ABOUT THIS TASK —
Every line in the records below that holds "DASHED" must be identified and copied.

ENTRIES PROVIDED —
((
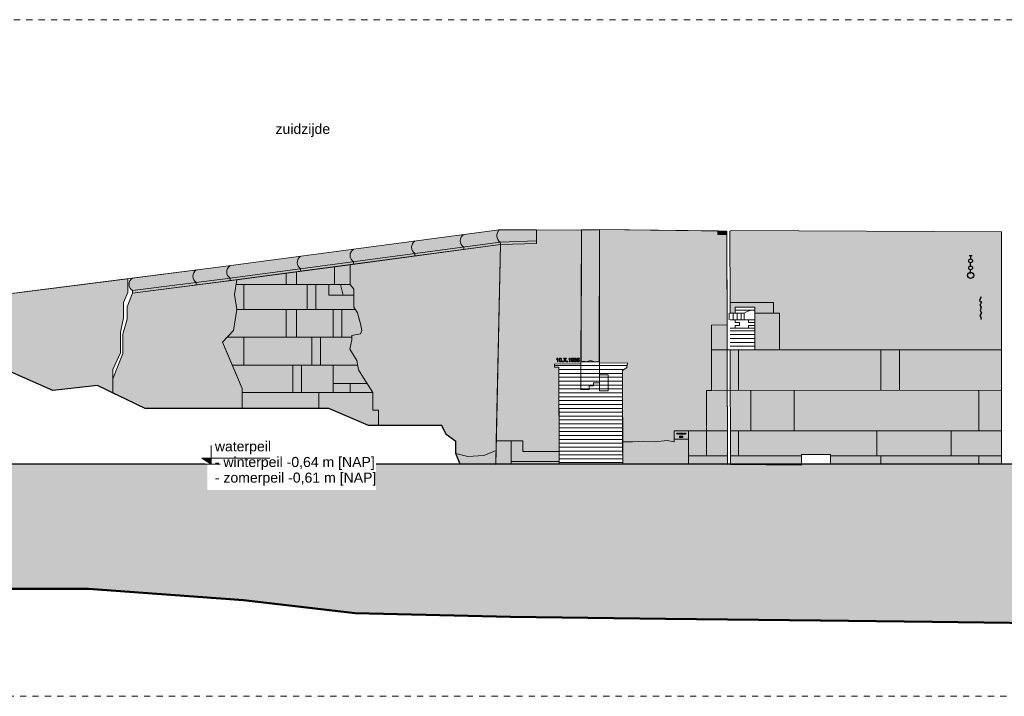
# Model space of a CAD drawing. Extents: x -251883 to 250656, y 0 to 491369.
# Tile 16 of 38: x -20406 to -4534, y 259611 to 270511. Entities that reach past the tile are written whole.
import ezdxf

# ---------------------------------------------------------------- set-up
doc = ezdxf.new("R2010")
doc.units = 0
doc.header["$MEASUREMENT"] = 0
doc.linetypes.add('DASHED', pattern=[200, 100, -100])
for name, color, linetype in [('A-0019-AFDEKVLAK', 1, 'Continuous'), ('A-0020-KADER', 7, 'Continuous'), ('A-1100-TXT+MT-SO', 7, 'Continuous')]:
    doc.layers.add(name, color=color, linetype=linetype)
pattern_1 = [(180, (0, 0), (-8e-15, -62.5), [])]

# ---------------------------------------------------------------- blocks, each defined once
blk = doc.blocks.new('M-BESTAAND_249')
at = {"linetype": 'Continuous', "lineweight": 5}
for color, points in [(8, [(71952, -3630), (70494, -3816), (70494, -3776, -0.543244), (70494, -3574), (71916, -3393), (76406, -2796), (77008, -2794), (77008, -3014), (76425, -3035)]), (254, [(77371, -6367), (76785, -6367), (76785, -6196), (76358, -6196), (76425, -3035), (77008, -3014), (77008, -2794), (77734, -2803), (77722, -4954), (77295, -4958), (77295, -5007), (77365, -5006)]), (254, [(78019, -4921), (77945, -4921), (77875, -4901), (77815, -4921), (77765, -4911), (77725, -4921), (77734, -2803), (77740, -2795), (78002, -2796), (78020, -2793)]), (254, [(79749, -6033), (79225, -6033), (79225, -6211), (79115, -6191), (78915, -6211), (78735, -6201), (78555, -6211), (78394, -6211), (78391, -5062), (78465, -5012), (78475, -4941), (78021, -4944), (78020, -2793), (79930, -2814), (79930, -2874), (80076, -2874), (80079, -4329), (79828, -4330), (79829, -4780), (79829, -5382), (79749, -5382)]), (8, [(80076, -2874), (79930, -2874), (79930, -2814), (80076, -2816)]), (254, [(84505, -4730), (80925, -4731), (80925, -4141), (80825, -4141), (80825, -3966), (80129, -3966), (80126, -2816), (80145, -2805), (84504, -2828)]), (254, [(75900, -6450), (75709, -6398), (75709, -6206), (75549, -6096), (75480, -5946), (74459, -5946), (74459, -5848), (74459, -5701), (74366, -5701), (74366, -5418), (74220, -5181), (74140, -5051), (74110, -4901), (74000, -4721), (74030, -4566), (74030, -4501), (74170, -4471), (74189, -4416), (74180, -4366), (74170, -4311), (74145, -4220), (74137, -4191), (74120, -4131), (74060, -4041), (74060, -3751), (74001, -3678), (74001, -3358), (76425, -3035), (76355, -6350), (76160, -6430)]), (8, [(72264, -5451), (72264, -5351), (71944, -4606), (72124, -4416), (72178, -4078), (72140, -3836), (72178, -3601), (74001, -3358), (74001, -3678), (74060, -3751), (74060, -3896), (74060, -3969), (74060, -4041), (74120, -4131), (74137, -4191), (74145, -4220), (74170, -4311), (74189, -4416), (74170, -4471), (74030, -4501), (74030, -4566), (74000, -4721), (74110, -4901), (74140, -5051), (74220, -5181), (74366, -5418), (74366, -5701), (74459, -5701), (74459, -5848), (74459, -5946), (74300, -5946), (73934, -5791), (73660, -5676), (72640, -5676), (72124, -5676), (72264, -5676)]), (254, [(66423, -4093), (70419, -3584), (70419, -3807), (70349, -3966), (70349, -4216), (70299, -4446), (70299, -4776), (70179, -5046), (70179, -5426), (69929, -5306), (69209, -5386), (68279, -4978), (67439, -4816), (67148, -4528), (66859, -4486)]), (254, [(70699, -5676), (70179, -5426), (70179, -5196), (70339, -4786), (70339, -4476), (70409, -4236), (70409, -4036), (70494, -3816), (72178, -3601), (72140, -3836), (72178, -4078), (72124, -4416), (71944, -4606), (72264, -5351), (72264, -5451), (72264, -5676)]), (8, [(84505, -6572), (81746, -6562), (81747, -6418), (81278, -6418), (81280, -6589), (80136, -6577), (80131, -4731), (80525, -4731), (80525, -4041), (80209, -4041), (80209, -4141), (80129, -4141), (80129, -3966), (80825, -3966), (80825, -4141), (80925, -4141), (80925, -4731), (84505, -4730)]), (7, [(80081, -4731), (79829, -4730), (79828, -4330), (80079, -4329)]), (8, [(80086, -6577), (78396, -6572), (78394, -6211), (78555, -6211), (78735, -6201), (78915, -6211), (79115, -6191), (79225, -6211), (79225, -6033), (79749, -6033), (79749, -5382), (79829, -5382), (79829, -4730), (80081, -4730)]), (8, [(76358, -6196), (76785, -6196), (76785, -6367), (77371, -6367), (77372, -6572), (76353, -6572)]), (8, [(76355, -6350), (76350, -6575), (75778, -6572), (75709, -6398), (75900, -6450), (76160, -6430)]), (111, [(60582, -6572), (117582, -6572), (117582, -8965), (117390, -8962), (113090, -8972), (111288, -8972), (110590, -8972), (108789, -8972), (106289, -8982), (103789, -8982), (101988, -8992), (99488, -8992), (96988, -9072), (95187, -9102), (92687, -9172), (90188, -9202), (88386, -9192), (85887, -9142), (83387, -9112), (81586, -9092), (79086, -9062), (76586, -9032), (74086, -8972), (72285, -8762), (69785, -8582), (67835, -8582), (65565, -8840), (63485, -8582), (60715, -8840), (60582, -8821)])]:
    blk.add_hatch(color=color, dxfattribs=at).paths.add_polyline_path(points, flags=0)
h = blk.add_hatch(dxfattribs=at)
h.set_pattern_fill('@AVMWV', color=8, style=0, pattern_type=0)
h.set_pattern_definition([(270, (0, 0), (65, -1e-14), [])])
h.paths.add_polyline_path([(80079, -4248), (80079, -4141), (80355, -4141), (80345, -4248)], flags=0)
h = blk.add_hatch(dxfattribs=at)
h.set_pattern_fill('@AVMWH2', color=251, style=0, pattern_type=0)
h.set_pattern_definition(pattern_1)
h.paths.add_polyline_path([(80525, -4731), (80131, -4731), (80129, -4378), (80525, -4378)], flags=0)
h = blk.add_hatch(dxfattribs=at)
h.set_pattern_fill('@AVMWH2', color=251, style=0, pattern_type=0)
h.set_pattern_definition(pattern_1)
h.paths.add_polyline_path([(78396, -6572), (77372, -6572), (77365, -5006), (77295, -5007), (77295, -4958), (77722, -4954), (77725, -4921), (77765, -4911), (77815, -4921), (77875, -4901), (77945, -4921), (78019, -4921), (78021, -4944), (78475, -4941), (78465, -5012), (78391, -5062)], flags=0)
at = {"color": 7, "linetype": 'DASHED', "lineweight": 0}
blk.add_lwpolyline([(60582, -10311), (60582, 589), (117582, 589), (117582, -10311)], close=True, dxfattribs=at)
at = {"color": 8, "linetype": 'Continuous', "lineweight": 13}
blk.add_lwpolyline([(71952, -3630), (70494, -3816), (70494, -3776, -0.543244), (70494, -3574), (71916, -3393), (76406, -2796), (77008, -2794), (77008, -3014), (76425, -3035)], format="xyb", close=True, dxfattribs=at)
at = {"color": 254, "linetype": 'Continuous', "lineweight": 13}
for points in [[(77371, -6367), (76785, -6367), (76785, -6196), (76358, -6196), (76425, -3035), (77008, -3014), (77008, -2794), (77734, -2803), (77722, -4954), (77295, -4958), (77295, -5007), (77365, -5006)], [(78019, -4921), (77945, -4921), (77875, -4901), (77815, -4921), (77765, -4911), (77725, -4921), (77734, -2803), (77740, -2795), (78002, -2796), (78020, -2793)], [(79749, -6033), (79225, -6033), (79225, -6211), (79115, -6191), (78915, -6211), (78735, -6201), (78555, -6211), (78394, -6211), (78391, -5062), (78465, -5012), (78475, -4941), (78021, -4944), (78020, -2793), (79930, -2814), (79930, -2874), (80076, -2874), (80079, -4329), (79828, -4330), (79829, -4780), (79829, -4780), (79829, -5382), (79749, -5382)], [(84505, -4730), (80925, -4731), (80925, -4141), (80825, -4141), (80825, -3966), (80129, -3966), (80126, -2816), (80145, -2805), (84504, -2828)], [(76160, -6430), (76355, -6350), (76425, -3035), (74001, -3358), (74001, -3678), (74060, -3751), (74060, -4041), (74120, -4131), (74137, -4191), (74145, -4220), (74170, -4311), (74180, -4366), (74189, -4416), (74170, -4471), (74030, -4501), (74030, -4566), (74000, -4721), (74110, -4901), (74140, -5051), (74220, -5181), (74366, -5418), (74366, -5701), (74459, -5701), (74459, -5848), (74459, -5946), (75480, -5946), (75549, -6096), (75709, -6206), (75709, -6398), (75900, -6450)], [(66423, -4093), (70419, -3584), (70419, -3807), (70349, -3966), (70349, -4216), (70299, -4446), (70299, -4776), (70179, -5046), (70179, -5426), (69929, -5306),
))
TASK ANSWER —
doc.linetypes.add('DASHED', pattern=[200, 100, -100])
at = {"color": 7, "linetype": 'DASHED', "lineweight": 0}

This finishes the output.